Verteller, 2016, tekening, 50 x 65 cm
Vreemde woorden
Hij bladerde wat in een zwart gekartonneerd schrift met linnen rug.
In stijve, keurige blokletters stond op het gelinieerd papier:
staand lopen
met gesloten ogen
het strottenhoofd stamelt
bewegingloos
vluchtende vliegen vonken
het bos brandt
alle kleur is weg
de natuur hoort zwart-wit te zijn
totdat de wekker rinkelt
de ware werkelijkheid
is halleluja anders
Sinds zijn tiende schreef hij alle dromen al op. Het was zijn tweede
ik geworden. Zonder dromen viel er niet te leven.
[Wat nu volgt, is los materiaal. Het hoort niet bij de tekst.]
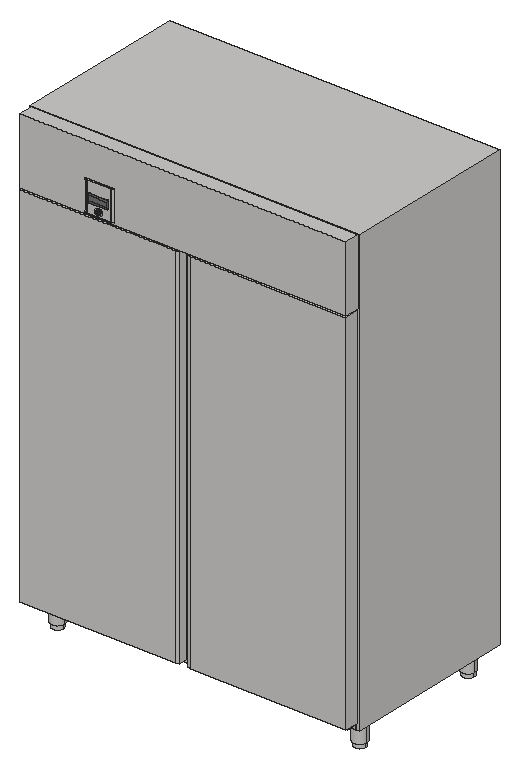
Revit family "QF_ELECTROLUXPROFESSIONAL_725394_REX142FFH", category Specialty Equipment, Revit 2018
Family settings
  Round Connector Dimension = Use Diameter
  Part Type = Normal
  Work Plane-Based = No
  Always vertical = Yes
  Cut with Voids When Loaded = No
  Shared = No
  Room Calculation Point = No
Parameters (values of type "Standard")
  Weight = 210.00 kg
  Watts = 0 W
  Volts = 220 V
  URL Manufacturer = "http://professional.electrolux.com"
  URL = "http://professional.electrolux.com"
  Steam Supply Size = 0 mm
  Steam Supply Minimum Pressure = 0.0 Pa
  Steam Supply Maximum Pressure = 0.0 Pa
  Steam Pounds per Hour = 0
  Refrigeration Suction Line Size = 0 mm
  Refrigeration Liquid Line Size = 0 mm
  Refrigerant Compressor Remote = yes
  Manufacturer = "Electrolux Professional"
  Phase = 1
  Model = "REX142FFH"
  Length Actual = 1441 mm  # constant formula
  Item Number = "725394"
  Hot Water Size = 0 mm
  Height Actual = 2050 mm  # constant formula
  HP = "0.9 HP"
  Gas Size = 0 mm
  Gas KW = 0
  Gas Input Pressure = 0 W
  Direct Waste Size = 0 mm
  Description = "2-DOOR FREEZER 1430L -22-15°C, DIGITAL WITH LIGHT, A304-R290"
  Depth Actual = 835 mm  # constant formula
  Cycle = 50 Hz
  Condensate Return Size = 0 mm
  Compressed Air Volume = 0.0 L/s
  Compressed Air Size = 0 mm
  Compressed Air Pressure = 0.0 Pa
  Cold Water Size = 0 mm
  Accessory = yes
Reference planes
  plane 1 "Center (Front/Back)": y = 0
  plane 2: z = 0
  plane 3 "Center (Left/Right)": x = 0
  plane 4 "BASE": z = 110
  plane 5 "TOP": z = 2050
  plane 6 "FRONT": y = -417.5
  plane 7 "BACK": y = 417.5
  plane 8 "LEFT": x = -720.5
  plane 9 "RIGHT": x = 720.5
Forms (mm)
  Extrusion 1, solid, material "QF_Finishes_Stainless Steel"
    sketch origin (0, 0, 0) x (1, 0, 0) y (0, 1, 0)
      loop
        circle (-643.5, 344.5) r 25
      loop
        circle (643.5, 344.5) r 25
      loop
        circle (-660.5, -269.5) r 25
      loop
        circle (660.5, -269.5) r 25
      loop
        circle (0, -121) r 25
    from 0 to 20
  Extrusion 2, solid, material "QF_Finishes_Stainless Steel"
    sketch origin (0, 0, 0) x (1, 0, 0) y (0, 1, 0)
      loop
        circle (-643.5, 344.5) r 30
      loop
        circle (643.5, 344.5) r 30
      loop
        circle (660.5, -269.5) r 30
      loop
        circle (-660.5, -269.5) r 30
      loop
        circle (0, -121) r 30
    from 20 to 110
  Extrusion 3, solid, material "QF_Finishes_Stainless Steel"
    sketch origin (0, 0, 110) x (-1, 0, 0) y (0, -1, 0)
      loop
        line (720.5, -417.5) -> (720.5, 345.5) -> (-720.5, 345.5) -> (-720.5, -417.5) -> (720.5, -417.5)
    from 0 to 1940
  Extrusion 4, solid
    sketch origin (0, 417.5, 1685) x (-1, 0, 0) y (0, 0, 1)
      loop
        circle (704.5, 124) r 10
    from 0 to 3.2
  Extrusion 5, solid, material "QF_Door-Drawer Clearances", detail levels coarse
    sketch origin (0, 0, 110) x (-1, 0, 0) y (0, -1, 0)
      loop
        line (-712.5, 409.5) -> (-648.5, 409.5) -> (-648.5, 1006.5) -> (-666.5, 1006.5) -> (-666.5, 1024.5) -> (-688.5, 1024.5) -> (-688.5, 1062.5) -> (-712.5, 1062.5) -> (-712.5, 409.5)
    from 1642.965 to 28
  Extrusion 6, solid, material "QF_Door-Drawer Clearances", detail levels coarse
    sketch origin (0, 0, 110) x (-1, 0, 0) y (0, -1, 0)
      loop
        line (-648.5, 409.5) -> (0, 409.5)
        arc (0, 409.5) -> (-211.9, 875.546) -> (-688.5, 1062.5) r 681.392
        line (-688.5, 1062.5) -> (-688.5, 1024.5) -> (-666.5, 1024.5) -> (-666.5, 1006.5) -> (-648.5, 1006.5) -> (-648.5, 409.5)
    from 1642.965 to 28
  Extrusion 7, solid, material "QF_Clearances", detail levels coarse
    sketch origin (0, 0, 110) x (-1, 0, 0) y (0, -1, 0)
      loop
        line (720.5, 417.5) -> (720.5, -417.5) -> (-720.5, -417.5) -> (-720.5, 417.5) -> (-750.5, 417.5) -> (-750.5, -447.5) -> (750.5, -447.5) -> (750.5, 417.5) -> (720.5, 417.5)
    from -110 to 1940
  Extrusion 8, solid, material "QF_Clearances", detail levels coarse
    sketch origin (0, 0, 2050) x (-1, 0, 0) y (0, -1, 0)
      loop
        line (750.5, -447.5) -> (750.5, 417.5) -> (-750.5, 417.5) -> (-750.5, -447.5) -> (750.5, -447.5)
    from 0 to 500
  Extrusion 9, void
    sketch origin (0, 417.5, 0) x (-1, 0, 0) y (0, 0, 1)
      loop
        line (645.5, 1724) -> (430, 1724) -> (430, 1695) -> (-430, 1695) -> (-430, 1724) -> (-645.5, 1724) -> (-645.5, 180) -> (-322.75, 170.906) -> (0, 180) -> (322.75, 170.906) -> (645.5, 180) -> (645.5, 1724)
    from -56 to -763
  Extrusion 10, solid, material "QF_Door-Drawer Clearances", detail levels coarse
    sketch origin (0, 0, 110) x (1, 0, 0) y (0, 1, 0)
      loop
        line (-712.5, -409.5) -> (-712.5, -1062.5) -> (-688.5, -1062.5) -> (-688.5, -1024.5) -> (-666.5, -1024.5) -> (-666.5, -1006.5) -> (-648.5, -1006.5) -> (-648.5, -409.5) -> (-712.5, -409.5)
    from 1642.965 to 28
  Extrusion 11, solid, material "QF_Door-Drawer Clearances", detail levels coarse
    sketch origin (0, 0, 110) x (1, 0, 0) y (0, 1, 0)
      loop
        line (-648.5, -409.5) -> (-648.5, -1006.5) -> (-666.5, -1006.5) -> (-666.5, -1024.5) -> (-688.5, -1024.5) -> (-688.5, -1062.5)
        arc (-688.5, -1062.5) -> (-211.9, -875.546) -> (0, -409.5) r 681.392
        line (0, -409.5) -> (-648.5, -409.5)
    from 1642.965 to 28
  Extrusion 12, solid, material "QF_Finishes_Stainless Steel"
    sketch origin (0, 417.5, 0) x (-1, 0, 0) y (0, 0, 1)
      loop
        line (40, 170.62) -> (40, 1695) -> (-40, 1695) -> (-40, 170.62) -> (0, 170) -> (40, 170.62)
    from -723 to -763
Cuts and joins
  joined: Extrusion 7, Extrusion 8
  Extrusion 9 cuts Extrusion 3
Lines and regions (mm)
  symbolic lines, style "SpecialityEquipmentHiddenLines"
    curve 1: line (712.5, -409.5, 110) -> (712.5, -1062.5, 110)
    curve 2: line (712.5, -1062.5, 110) -> (688.5, -1062.5, 110)
    curve 3: line (648.5, -409.5, 110) -> (648.5, -1006.5, 110)
    curve 4: line (688.5, -1062.5, 110) -> (688.5, -1024.5, 110)
    curve 5: line (688.5, -1024.5, 110) -> (666.5, -1024.5, 110)
    curve 6: line (666.5, -1024.5, 110) -> (666.5, -1006.5, 110)
    curve 7: line (666.5, -1006.5, 110) -> (648.5, -1006.5, 110)
    curve 13: arc (0, -409.5, 110) -> (211.9, -875.546, 110) -> (688.5, -1062.5, 110) r 681.392
    curve 14: line (-712.5, -1062.5, 110) -> (-688.5, -1062.5, 110)
    curve 15: line (-648.5, -409.5, 110) -> (-648.5, -1006.5, 110)
    curve 16: line (-688.5, -1062.5, 110) -> (-688.5, -1024.5, 110)
    curve 17: line (-688.5, -1024.5, 110) -> (-666.5, -1024.5, 110)
    curve 18: line (-666.5, -1024.5, 110) -> (-666.5, -1006.5, 110)
    curve 19: line (-666.5, -1006.5, 110) -> (-648.5, -1006.5, 110)
    curve 20: arc (0, -409.5, 110) -> (-211.9, -875.546, 110) -> (-688.5, -1062.5, 110) r 681.392
    curve 21: line (-712.5, -409.5, 110) -> (-712.5, -1062.5, 110)
  symbolic lines, style "QF_Clearances", detail levels coarse
    curve 8: line (-720.5, -417.5, 2050) -> (-750.5, -417.5, 2050)
    curve 9: line (-750.5, -417.5, 2050) -> (-750.5, 447.5, 2050)
    curve 10: line (-750.5, 447.5, 2050) -> (750.5, 447.5, 2050)
    curve 11: line (750.5, 447.5, 2050) -> (750.5, -417.5, 2050)
    curve 12: line (750.5, -417.5, 2050) -> (720.5, -417.5, 2050)
Dimensions and locks
  equal spacing: plane 7 "BACK", plane 1 "Center (Front/Back)", plane 6 "FRONT"
  equal spacing: plane 8 "LEFT", plane 3 "Center (Left/Right)", plane 9 "RIGHT"
  plane 8 "LEFT" to plane 9 "RIGHT" = 1441 mm
  plane 7 "BACK" to plane 6 "FRONT" = 835 mm
  plane 5 "TOP" to plane 2 = 2050 mm
  aligned and locked: level to plane 2
Automatic sketch dimensions
  curve 12 to plane 6 "FRONT" = 0 mm
  curve 12 to plane 9 "RIGHT" = 0 mm
  curve 8 to plane 6 "FRONT" = 0 mm
  curve 8 to plane 8 "LEFT" = 0 mm
  curve 10 to plane 9 "RIGHT" = 30 mm
  curve 8 to curve 9 = 30 mm
  plane 7 "BACK" to curve 10 = 30 mm
  Extrusion 1 sketch curve to plane 3 "Center (Left/Right)" = 0 mm
  plane 8 "LEFT" to Extrusion 1 sketch curve = 77 mm
  plane 8 "LEFT" to Extrusion 1 sketch curve = 60 mm
  plane 9 "RIGHT" to Extrusion 1 sketch curve = 77 mm
  plane 9 "RIGHT" to Extrusion 1 sketch curve = 60 mm
  plane 6 "FRONT" to Extrusion 1 sketch curve = 148 mm  (x2)
  plane 1 "Center (Front/Back)" to Extrusion 1 sketch curve = 121 mm
  Extrusion 1 sketch curve to plane 7 "BACK" = 73 mm  (x2)
  Extrusion 2 sketch curve to plane 3 "Center (Left/Right)" = 0 mm
  plane 8 "LEFT" to Extrusion 2 sketch curve = 77 mm
  plane 8 "LEFT" to Extrusion 2 sketch curve = 60 mm
  plane 9 "RIGHT" to Extrusion 2 sketch curve = 77 mm
  plane 9 "RIGHT" to Extrusion 2 sketch curve = 60 mm
  plane 6 "FRONT" to Extrusion 2 sketch curve = 148 mm  (x2)
  plane 1 "Center (Front/Back)" to Extrusion 2 sketch curve = 121 mm
  Extrusion 2 sketch curve to plane 7 "BACK" = 73 mm  (x2)
  Extrusion 3 sketch curve to plane 7 "BACK" = 0 mm
  Extrusion 3 sketch curve to plane 9 "RIGHT" = 0 mm
  Extrusion 3 sketch curve to plane 8 "LEFT" = 0 mm
  plane 6 "FRONT" to Extrusion 3 sketch curve = 72 mm
  plane 8 "LEFT" to Extrusion 4 sketch curve = 16 mm
  Extrusion 4 sketch curve to plane 5 "TOP" = 241 mm
  plane 9 "RIGHT" to Extrusion 5 sketch curve = 8 mm
  plane 9 "RIGHT" to Extrusion 5 sketch curve = 32 mm
  Extrusion 5 sketch curve to Extrusion 5 sketch curve = 22 mm
  plane 6 "FRONT" to Extrusion 5 sketch curve = 8 mm
  Extrusion 5 sketch curve to Extrusion 5 sketch curve = 64 mm
  Extrusion 5 sketch curve to plane 6 "FRONT" = 589 mm
  Extrusion 5 sketch curve to Extrusion 5 sketch curve = 18 mm
  Extrusion 5 sketch curve to Extrusion 5 sketch curve = 38 mm
  Extrusion 6 sketch curve to plane 3 "Center (Left/Right)" = 0 mm
  plane 9 "RIGHT" to Extrusion 6 sketch curve = 72 mm
  Extrusion 6 sketch curve to Extrusion 6 sketch curve = 18 mm  (x2)
  plane 9 "RIGHT" to Extrusion 6 sketch curve = 39.698 mm
  Extrusion 6 sketch curve to Extrusion 6 sketch curve = 22 mm
  plane 6 "FRONT" to Extrusion 6 sketch curve = 36.349 mm
  plane 6 "FRONT" to Extrusion 6 sketch curve = 8 mm
  Extrusion 6 sketch curve to Extrusion 6 sketch curve = 56 mm
  Extrusion 7 sketch curve to plane 6 "FRONT" = 0 mm  (x2)
  Extrusion 7 sketch curve to plane 7 "BACK" = 0 mm
  Extrusion 7 sketch curve to plane 9 "RIGHT" = 0 mm
  Extrusion 7 sketch curve to plane 8 "LEFT" = 0 mm
  Extrusion 7 sketch curve to plane 9 "RIGHT" = 30 mm
  Extrusion 7 sketch curve to Extrusion 7 sketch curve = 30 mm
  plane 7 "BACK" to Extrusion 7 sketch curve = 30 mm
  Extrusion 8 sketch curve to plane 6 "FRONT" = 0 mm
  Extrusion 8 sketch curve to plane 9 "RIGHT" = 30 mm
  Extrusion 8 sketch curve to plane 8 "LEFT" = 30 mm
  plane 7 "BACK" to Extrusion 8 sketch curve = 30 mm
  Extrusion 10 sketch curve to plane 8 "LEFT" = 8 mm
  Extrusion 10 sketch curve to plane 8 "LEFT" = 32 mm
  Extrusion 10 sketch curve to Extrusion 10 sketch curve = 22 mm
  Extrusion 10 sketch curve to plane 6 "FRONT" = 8 mm
  Extrusion 10 sketch curve to Extrusion 10 sketch curve = 64 mm
  plane 6 "FRONT" to Extrusion 10 sketch curve = 589 mm
  Extrusion 10 sketch curve to Extrusion 10 sketch curve = 18 mm
  Extrusion 10 sketch curve to Extrusion 10 sketch curve = 38 mm
  Extrusion 11 sketch curve to plane 3 "Center (Left/Right)" = 0 mm
  Extrusion 11 sketch curve to plane 8 "LEFT" = 72 mm
  Extrusion 11 sketch curve to Extrusion 11 sketch curve = 18 mm  (x2)
  Extrusion 11 sketch curve to plane 8 "LEFT" = 39.698 mm
  Extrusion 11 sketch curve to Extrusion 11 sketch curve = 22 mm
  Extrusion 11 sketch curve to plane 6 "FRONT" = 36.349 mm
  Extrusion 11 sketch curve to plane 6 "FRONT" = 8 mm
  Extrusion 11 sketch curve to Extrusion 11 sketch curve = 56 mm
  Extrusion 12 sketch curve to plane 3 "Center (Left/Right)" = 0 mm
  plane 3 "Center (Left/Right)" to Extrusion 12 sketch curve = 40 mm
  Extrusion 12 sketch curve to plane 3 "Center (Left/Right)" = 40 mm
  plane 4 "BASE" to Extrusion 12 sketch curve = 60 mm
  Extrusion 12 sketch curve to Extrusion 12 sketch curve = 0.62 mm  (x2)
  Extrusion 12 sketch curve to Extrusion 12 sketch curve = 1524.38 mm
  Extrusion 9 sketch curve to plane 3 "Center (Left/Right)" = 0 mm
  plane 4 "BASE" to Extrusion 9 sketch curve = 60.906 mm  (x2)
  plane 3 "Center (Left/Right)" to Extrusion 9 sketch curve = 322.75 mm
  plane 9 "RIGHT" to Extrusion 9 sketch curve = 290.5 mm
  plane 9 "RIGHT" to Extrusion 9 sketch curve = 75 mm
  Extrusion 9 sketch curve to plane 3 "Center (Left/Right)" = 322.75 mm
  plane 8 "LEFT" to Extrusion 9 sketch curve = 290.5 mm
  plane 8 "LEFT" to Extrusion 9 sketch curve = 75 mm
  plane 4 "BASE" to Extrusion 9 sketch curve = 70 mm  (x3)
  Extrusion 9 sketch curve to plane 5 "TOP" = 355 mm
  Extrusion 9 sketch curve to Extrusion 9 sketch curve = 29 mm  (x2)
  curve 20 to plane 3 "Center (Left/Right)" = 0 mm
  plane 9 "RIGHT" to curve 3 = 72 mm
  curve 5 to curve 3 = 18 mm
  plane 9 "RIGHT" to curve 13 = 39.698 mm
  curve 4 to curve 5 = 22 mm
  plane 9 "RIGHT" to curve 2 = 8 mm
  plane 8 "LEFT" to curve 19 = 72 mm
  curve 15 to curve 18 = 18 mm
  plane 8 "LEFT" to curve 20 = 39.698 mm
  curve 17 to curve 16 = 22 mm
  plane 8 "LEFT" to curve 14 = 8 mm
  plane 6 "FRONT" to curve 20 = 36.349 mm
  plane 6 "FRONT" to curve 13 = 36.349 mm
  curve 15 to plane 6 "FRONT" = 589 mm
  curve 3 to plane 6 "FRONT" = 589 mm
  curve 6 to curve 5 = 18 mm
  curve 18 to curve 18 = 18 mm
  curve 16 to curve 16 = 38 mm
  plane 6 "FRONT" to curve 15 = 8 mm
  plane 6 "FRONT" to curve 3 = 8 mm
  plane 6 "FRONT" to curve 21 = 8 mm
  plane 6 "FRONT" to curve 1 = 8 mm
  radius of Extrusion 1 sketch curve = 25 mm  (x5)
  radius of Extrusion 2 sketch curve = 30 mm  (x5)
  radius of Extrusion 4 sketch curve = 10 mm
Nested families
  nested 1: "QF_727995_Door" at (0, -345.5, 968.365) x (1, 0, 0) z (0, -1, 0), type "QF_727995_Door"
    with Show Clearance yes
  nested 2: "Freezer" at (720.5, -417.5, 110), type "Freezer"
Connectors
  electrical at (-704.5, 420.7, 1809), driven by "Volts"
    settings: on Extrusion 4, index 2, voltage 220 V, apparent load 0 VA, apparent load phase1 0 VA, apparent load phase2 0 VA, apparent load phase3 0 VA, power factor 1, load classification "Other", number of poles 1, system type 30, power factor state 1, is connector primary yes, connector utility no, sub classification motor no, connector description "Electrical Connection"
Definition of nested family "QF_727995_Door"
  Parameters
    Show Clearance [instance] = yes
    Model = "727995"
    Default Elevation = 0 mm
  Reference planes
    plane 1 "Center (Front/Back)": y = 0
    plane 2: z = 0
    plane 3 "Center (Left/Right)": x = 0
    plane 4 "panel": z = 64
  Forms (mm)
    Extrusion 1, solid
      sketch origin (0, -919.2, 0) x (1, 0, 0) y (0, 1, 0)
        loop
          line (-980.5, 2119.2) -> (-980.5, -162.846) -> (881.94, -162.846) -> (881.94, 2119.2) -> (-980.5, 2119.2)
      from 0 to -59.546
    Extrusion 2, solid
      sketch origin (365.5, 0, 0) x (1, 0, 0) y (0, 0, 1)
        loop
          line (-347, 26) -> (-325, 26) -> (-325, 8) -> (-307, 8) -> (-307, 0) -> (339, 0) -> (339, 8) -> (347, 8) -> (347, 64) -> (-332, 64) -> (-347, 60) -> (-347, 26)
      from -784.6 to 830.4
    Extrusion 3, solid
      sketch origin (484.5, -516.365, 0) x (0, 1, 0) y (0, 0, 1)
        loop
          line (-323.003, 40.312) -> (-316.501, 40.312) -> (-316.501, 42.812) -> (-325.503, 42.812) -> (-325.503, 2.5) -> (-342, 2.5) -> (-342, 0) -> (-323.003, 0) -> (-323.003, 12.259) -> (-323.003, 40.312)
        loop
          line (-314, 38.311) -> (-316.501, 38.311) -> (-316.501, 14.304) -> (-319.752, 14.304) -> (-319.752, 11.804) -> (-314, 11.804) -> (-314, 38.311)
      from 185 to 220
    Extrusion 4, solid
      sketch origin (484.5, 469.597, 0) x (0, 1, 0) y (0, 0, 1)
        loop
          line (315.003, 27.948) -> (315.003, 2.948) -> (315.003, 0) -> (322.003, 0) -> (322.003, 2.5) -> (317.503, 2.5) -> (317.503, 27.948) -> (315.003, 27.948)
      from 185 to 220
    Extrusion 5, solid
      sketch origin (-365.5, 0, 0) x (-1, 0, 0) y (0, 0, -1)
        loop
          line (-1078, -64) -> (347, -64) -> (347, 0) -> (-1078, 0) -> (-1078, -64)
      from -1081.6 to -791.6
    Extrusion 6, solid
      sketch origin (-365.5, 0, 0) x (-1, 0, 0) y (0, 0, -1)
        loop
          line (-347, -26) -> (-347, -60) -> (-332, -64) -> (347, -64) -> (347, -8) -> (339, -8) -> (339, 0) -> (-307, 0) -> (-307, -8) -> (-325, -8) -> (-325, -26) -> (-347, -26)
      from -784.6 to 830.4
    Extrusion 7, solid
      sketch origin (-484.5, -516.365, 0) x (0, 1, 0) y (0, 0, -1)
        loop
          line (-323.003, -40.312) -> (-323.003, -12.259) -> (-323.003, 0) -> (-342, 0) -> (-342, -2.5) -> (-325.503, -2.5) -> (-325.503, -42.812) -> (-316.501, -42.812) -> (-316.501, -40.312) -> (-323.003, -40.312)
        loop
          line (-314, -38.311) -> (-314, -11.804) -> (-319.752, -11.804) -> (-319.752, -14.304) -> (-316.501, -14.304) -> (-316.501, -38.311) -> (-314, -38.311)
      from 185 to 220
    Extrusion 8, solid
      sketch origin (-484.5, 469.597, 0) x (0, 1, 0) y (0, 0, -1)
        loop
          line (315.003, -27.948) -> (317.503, -27.948) -> (317.503, -2.5) -> (322.003, -2.5) -> (322.003, 0) -> (315.003, 0) -> (315.003, -2.948) -> (315.003, -27.948)
      from 185 to 220
  Lines and regions (mm)
    symbolic lines
      curve 1: line (-712.5, 0, 64) -> (712.5, 0, 64)
      curve 2: line (712.5, 0, 0) -> (-712.5, 0, 0)
      curve 3: line (712.5, 0, 64) -> (712.5, 0, 0)
      curve 4: line (704.5, 0, 8) -> (712.5, 0, 8)
      curve 5: line (704.5, 0, 8) -> (704.5, 0, 0)
      curve 6: line (-376.111, 0, 72) -> (-356.111, 0, 72)
      curve 7: line (-376.111, 0, 66) -> (-376.111, 0, 72)
      curve 8: line (-356.111, 0, 72) -> (-356.111, 0, 66)
      curve 9: line (-380.111, 0, 66) -> (-352.111, 0, 66)
      curve 10: line (-380.111, 0, 64) -> (-380.111, 0, 66)
      curve 11: line (-352.111, 0, 66) -> (-352.111, 0, 64)
      curve 12: line (-712.5, 0, 64) -> (-712.5, 0, 0)
      curve 13: line (-704.5, 0, 8) -> (-712.5, 0, 8)
      curve 14: line (-704.5, 0, 8) -> (-704.5, 0, 0)
  Dimensions and locks
    aligned and locked: plane 2 to Extrusion 1
    aligned and locked: level to Extrusion 1
  Nested families
    nested 1: "QF_DisplayStandardCabinets" at (-365.5, 863.6, 64), type "QF_DisplayStandardCabinets"
      with Show Clearance yes, Default Elevation 0 mm
  Definition of nested family "QF_DisplayStandardCabinets"
    Parameters
      Show Clearance [instance] = yes
      Model = "728658"
      Default Elevation = 1219.2 mm
    Reference planes
      plane 1 "Center (Front/Back)": y = 0
      plane 2: z = 0
      plane 3 "Center (Left/Right)": x = 0
    Forms (mm)
      Extrusion 1, solid
        sketch origin (0, -919.2, 0) x (1, 0, 0) y (0, 1, 0)
          loop
            line (-198.75, 1146.2) -> (-198.75, 709.567) -> (165.741, 709.567) -> (165.741, 1146.2) -> (-198.75, 1146.2)
        from 0 to -59.546
      Extrusion 2, solid
        sketch origin (-59, -44.611, 0) x (0, 1, 0) y (-1, 0, 0)
          loop
            circle (0.611, -59) r 14
        from 5 to 7
      Extrusion 3, solid
        sketch origin (744.635, 320.889, 0) x (0, 1, 0) y (-1, 0, 0)
          loop
            circle (-364.889, 744.635) r 10
          loop
            circle (-364.889, 744.635) r 9
        from 5 to 8
      Extrusion 4, solid
        sketch origin (744.635, 320.889, 0) x (0, 1, 0) y (-1, 0, 0)
          loop
            circle (-364.889, 744.635) r 8.7
        from 5 to 8
      Extrusion 5, void
        sketch origin (744.635, 320.889, 0) x (0, 1, 0) y (-1, 0, 0)
          loop
            line (-372.339, 745.885) -> (-372.339, 743.385) -> (-362.339, 743.385) -> (-362.339, 745.885) -> (-372.339, 745.885)
        from 8.592 to 6.269
      Blend 6, solid
        base sketch origin (365.719, -803.635, 0) x (1, 0, 0) y (0, 1, 0)
          loop
            arc (-424.229, 873.635) -> (-428.653, 871.803) -> (-430.485, 867.38) r 6.255
            line (-430.485, 867.38) -> (-430.485, 739.89)
            arc (-430.485, 739.89) -> (-428.653, 735.467) -> (-424.229, 733.635) r 6.255
            line (-424.229, 733.635) -> (-307.728, 733.635)
            arc (-307.728, 733.635) -> (-303.305, 735.467) -> (-301.473, 739.89) r 6.255
            line (-301.473, 739.89) -> (-301.473, 867.38)
            arc (-301.473, 867.38) -> (-303.305, 871.803) -> (-307.728, 873.635) r 6.255
            line (-307.728, 873.635) -> (-424.229, 873.635)
        top sketch origin (365.719, -803.635, 0) x (1, 0, 0) y (0, 1, 0)
          loop
            line (-418.756, 738.326) -> (-313.201, 738.326) -> (-313.201, 868.943) -> (-418.756, 868.943) -> (-418.756, 738.326)
        from 0 to 4
      Extrusion 7, solid
        sketch origin (744.635, 320.889, 0) x (0, 1, 0) y (-1, 0, 0)
          loop
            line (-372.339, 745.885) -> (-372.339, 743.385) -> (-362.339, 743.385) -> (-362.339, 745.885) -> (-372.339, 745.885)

Hij tuurde net iets te lang in de spiegel. Zijn zware wenkbrauwen
gingen ervan omhoog. Opnieuw dacht hij aan zijn mooiste kindertijd,
toen alle woorden nog nieuw waren of nog niet eens bestonden.
Daardoor legde je de vreemdste verbanden.
Zo had hij wenkbrauwen altijd als wekbrauwen verstaan. Die waren
er om je na de slaap wakker te maken, ze wekten je brauwen!
Geen idee wat die brauwen eigenlijk waren. Vast iets heel nuttigs.
Morgenavond droom ik weer verder – zei hij hard op in de spiegel,
om zichzelf flink overdreven te overtuigen.
Ik verheug me nu al op alle nieuwe woorden.